🚩 What is redflag?#


Redflag is a Python library that applies “safety by design” to machine learning. It helps researchers and practitioners in this field ensure their models are safe and reliable by alerting them to potential pitfalls. These pitfalls could lead to overconfidence in the model or wildly spurious predictions. Redflag offers accessible ways for users to integrate safety checks into their workflows by providing scikit-learn transformers, pandas accessors, and standalone functions. These components can easily be incorporated into existing workflows, helping identify issues and enhance the quality and safety of predictive models.

Safety by design#

Safety by design means to ‘design out’ hazardous situations from complex machines or processes before they can do harm. The concept, also known as prevention through design, has been applied to civil engineering and industrial design for decades. Recently it has also been applied to software engineering and, more recently still, to machine learning [@van-gelder-etal-2021]. Redflag helps machine learning researchers and practitioners design safety into their workflows.

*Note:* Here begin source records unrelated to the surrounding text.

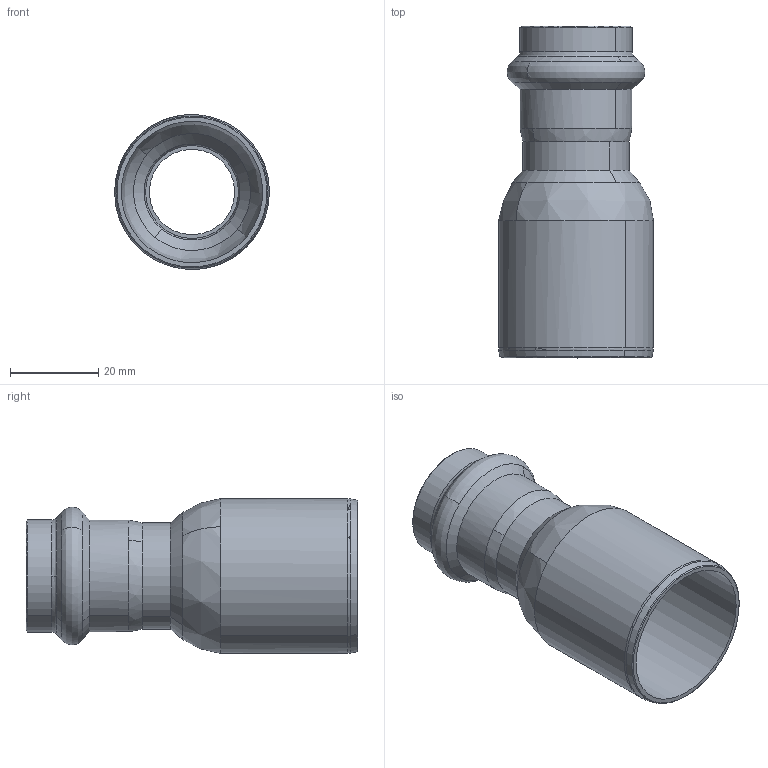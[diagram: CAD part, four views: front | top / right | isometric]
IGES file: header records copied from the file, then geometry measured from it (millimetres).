
Start section: Elysium IGES Interface
Global section: file name: C:\3d modellen sudo\C-Pr VP\SP8243V\8243VW3522.igs; native system: CoCreate Modeling 17.00A  17-Jun-2010; preprocessor: CoCreate IGES_3D V2.2; author: Unknown; organization: Unknown; date: 20130305.092722; units: millimetre
Bounding box: 35 x 75 x 35 mm (x, y, z)
Volume: 11662.5 mm3; surface area: 14427.1 mm2
Topology: 1 solids, 1 shells, 60 faces, 164 edges, 104 vertices
Faces by surface type: bspline 60

To read more about the motivation for this package, check out the draft paper submitted to JOSS.

What’s in redflag#

Redflag offers three ways for users to insert safety checks into their machine learning workflows:

  1. scikit-learn transformers which fit directly into the pipelines that most data scientists are already using, e.g. redflag.ImbalanceDetector().fit_transform(X, y).

  2. pandas accessors on Series and DataFrames, which can be called like a method on existing Pandas objects, e.g. df['target'].redflag.is_imbalanced().

  3. Standalone functions which the user can compose their own checks and tests with, e.g. redflag.is_imbalanced(y).

There are two kinds of scikit-learn transformer:

  • Detectors check every dataset they encounter. For example, redflag.ClippingDetector checks for clipped data during both model fitting and during prediction.

  • Comparators learn some parameter in the model fitting step, then check subsequent data against those parameters. For example, redflag.DistributionComparator learns the empirical univariate distributions of the training features, then checks that the features in subsequent datasets are tolerably close to these baselines.

Although the scikit-learn components are implemented as transformers, subclassing sklearn.base.BaseEstimator, sklearn.base.TransformerMixin, they do not transform the data. They only raise warnings (or, optionally, exceptions) when a check fails. Redflag does not attempt to fix any problems it encounters.